Please write out the whole listing that follows exactly; the pictures stay out.
[Data]
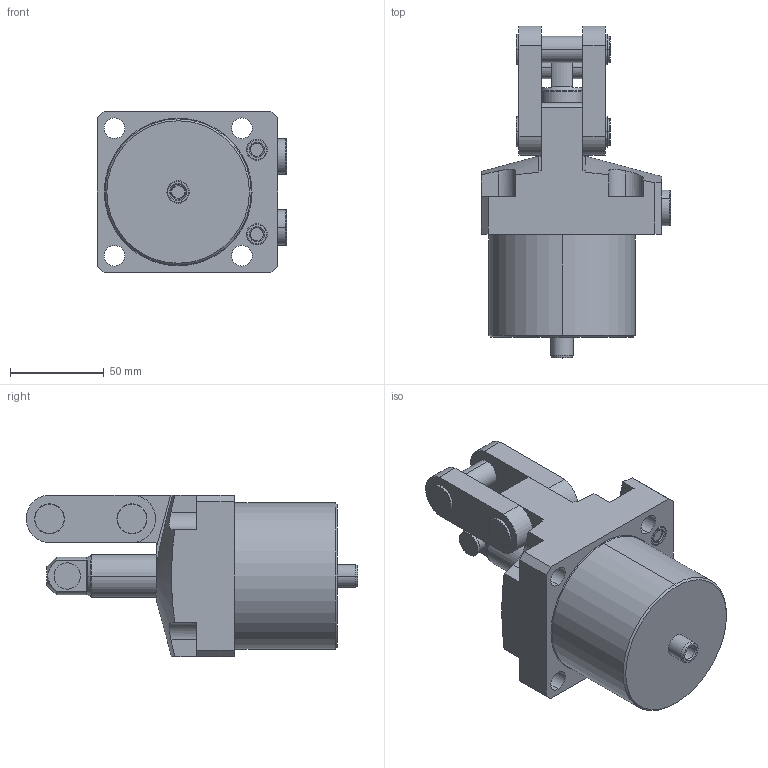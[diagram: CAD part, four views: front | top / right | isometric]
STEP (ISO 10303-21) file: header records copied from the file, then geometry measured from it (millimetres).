
FILE_DESCRIPTION(/* description */ (''),/* implementation_level */ '2;1');
FILE_NAME(/* name */ 'TPC16-LD.stp',/* time_stamp */ '2025-01-05T10:11:26+08:00',/* author */ (''),/* organization */ (''),/* preprocessor_version */ 'ST-DEVELOPER v16.7',/* originating_system */ 'SIEMENS PLM Software NX 12.0',/* authorisation */ '');
FILE_SCHEMA (('AUTOMOTIVE_DESIGN { 1 0 10303 214 3 1 1 1 }'));
Length unit declared in the file: millimetre
Products named in the file (5): TPC16-LD-04; TPC16-LD-03; TPC16-LD-02; TPC16-LD-01; TPC16-LD_stp
Assembly tree (5 placements, depth 2):
  TPC16-LD_stp
    TPC16-LD-01
    TPC16-LD-02
    TPC16-LD-03
    TPC16-LD-04  x2
Bounding box: 100.8 x 177 x 86 mm (x, y, z)
Volume: 606741.3 mm3; surface area: 79064.1 mm2
Topology: 5 solids, 7 shells, 295 faces, 693 edges, 440 vertices
Faces by surface type: cylinder 124, plane 114, torus 34, cone 23
Entity records: 8217 total; most frequent: CARTESIAN_POINT 1528, DIRECTION 1483, ORIENTED_EDGE 1294, EDGE_CURVE 647, AXIS2_PLACEMENT_3D 593, VERTEX_POINT 412, EDGE_LOOP 321, CIRCLE 314
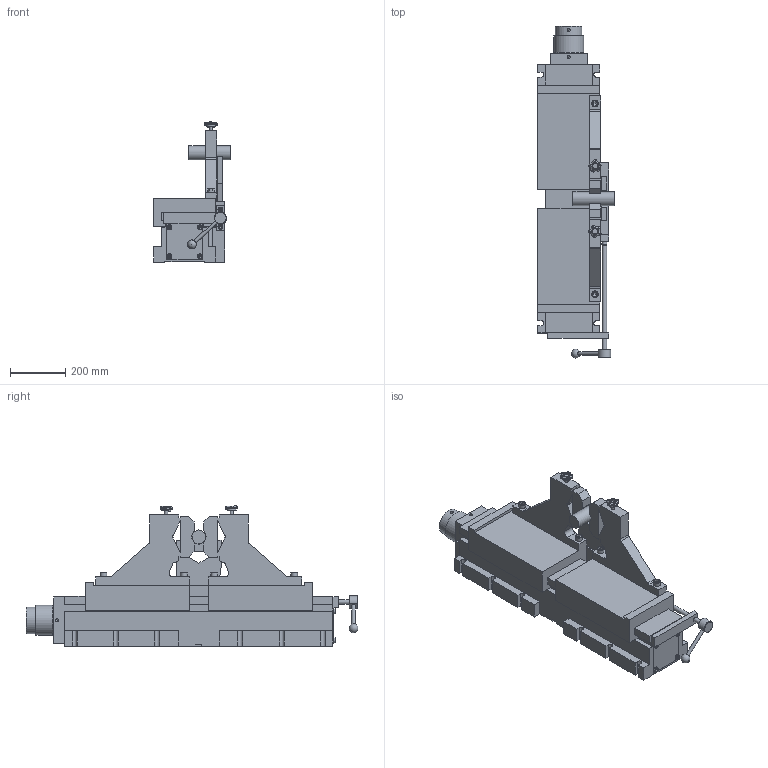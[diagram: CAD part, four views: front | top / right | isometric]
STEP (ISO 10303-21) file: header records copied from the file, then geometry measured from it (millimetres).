
FILE_DESCRIPTION((''),'2;1');
FILE_NAME('C:\VaultWork\Zeichnungen\Maßblätter\PZ440\PZ01314-1-0 PZ440 mit Vorzentrierung Spannbereich 22-250 mit Spanneinsatz.stp','2009-02-12T09:39:25',('Test'),(''),'Autodesk Inventor 2008','Autodesk Inventor 2008','');
FILE_SCHEMA(('AUTOMOTIVE_DESIGN { 1 0 10303 214 1 1 1 1 }'));
Length unit declared in the file: millimetre
Products named in the file (1): PZ01314-1-0 PZ440 mit Vorzentrierung Spannbereich 22-250 mit Spanneinsatz
Bounding box: 278 x 1201 x 506.9 mm (x, y, z)
Volume: 295403.7 mm3; surface area: 1744277 mm2
Topology: 8 solids, 9 shells, 476 faces, 1253 edges, 812 vertices
Faces by surface type: plane 317, cylinder 71, torus 52, bspline 22, cone 13, sphere 1
Full cylindrical faces by diameter (mm): 12 x7, 16 x2, 18 x6, 20 x2, 24 x4, 32 x2, 50 x1, 90 x1, 96 x1, 108 x1
Entity records: 15343 total; most frequent: CARTESIAN_POINT 3638, ORIENTED_EDGE 2298, DIRECTION 2186, EDGE_CURVE 1149, VECTOR 796, LINE 796, VERTEX_POINT 776, AXIS2_PLACEMENT_3D 695
[/Data]
**Finished exercise:**
[diagram: CAD part, four views: front | top / right | isometric]
STEP (ISO 10303-21) file: header records copied from the file, then geometry measured from it (millimetres).
FILE_DESCRIPTION(/* description */ (''),/* implementation_level */ '2;1');
FILE_NAME(/* name */ 'TPC16-LD.stp',/* time_stamp */ '2025-01-05T10:11:26+08:00',/* author */ (''),/* organization */ (''),/* preprocessor_version */ 'ST-DEVELOPER v16.7',/* originating_system */ 'SIEMENS PLM Software NX 12.0',/* authorisation */ '');
FILE_SCHEMA (('AUTOMOTIVE_DESIGN { 1 0 10303 214 3 1 1 1 }'));
Length unit declared in the file: millimetre
Products named in the file (5): TPC16-LD-04; TPC16-LD-03; TPC16-LD-02; TPC16-LD-01; TPC16-LD_stp
Assembly tree (5 placements, depth 2):
  TPC16-LD_stp
    TPC16-LD-01
    TPC16-LD-02
    TPC16-LD-03
    TPC16-LD-04  x2
Bounding box: 100.8 x 177 x 86 mm (x, y, z)
Volume: 606741.3 mm3; surface area: 79064.1 mm2
Topology: 5 solids, 7 shells, 295 faces, 693 edges, 440 vertices
Faces by surface type: cylinder 124, plane 114, torus 34, cone 23
Entity records: 8217 total; most frequent: CARTESIAN_POINT 1528, DIRECTION 1483, ORIENTED_EDGE 1294, EDGE_CURVE 647, AXIS2_PLACEMENT_3D 593, VERTEX_POINT 412, EDGE_LOOP 321, CIRCLE 314
[diagram: CAD part, four views: front | top / right | isometric]
STEP (ISO 10303-21) file: header records copied from the file, then geometry measured from it (millimetres).
FILE_DESCRIPTION((''),'2;1');
FILE_NAME('C:\VaultWork\Zeichnungen\Maßblätter\PZ440\PZ01314-1-0 PZ440 mit Vorzentrierung Spannbereich 22-250 mit Spanneinsatz.stp','2009-02-12T09:39:25',('Test'),(''),'Autodesk Inventor 2008','Autodesk Inventor 2008','');
FILE_SCHEMA(('AUTOMOTIVE_DESIGN { 1 0 10303 214 1 1 1 1 }'));
Length unit declared in the file: millimetre
Products named in the file (1): PZ01314-1-0 PZ440 mit Vorzentrierung Spannbereich 22-250 mit Spanneinsatz
Bounding box: 278 x 1201 x 506.9 mm (x, y, z)
Volume: 295403.7 mm3; surface area: 1744277 mm2
Topology: 8 solids, 9 shells, 476 faces, 1253 edges, 812 vertices
Faces by surface type: plane 317, cylinder 71, torus 52, bspline 22, cone 13, sphere 1
Full cylindrical faces by diameter (mm): 12 x7, 16 x2, 18 x6, 20 x2, 24 x4, 32 x2, 50 x1, 90 x1, 96 x1, 108 x1
Entity records: 15343 total; most frequent: CARTESIAN_POINT 3638, ORIENTED_EDGE 2298, DIRECTION 2186, EDGE_CURVE 1149, VECTOR 796, LINE 796, VERTEX_POINT 776, AXIS2_PLACEMENT_3D 695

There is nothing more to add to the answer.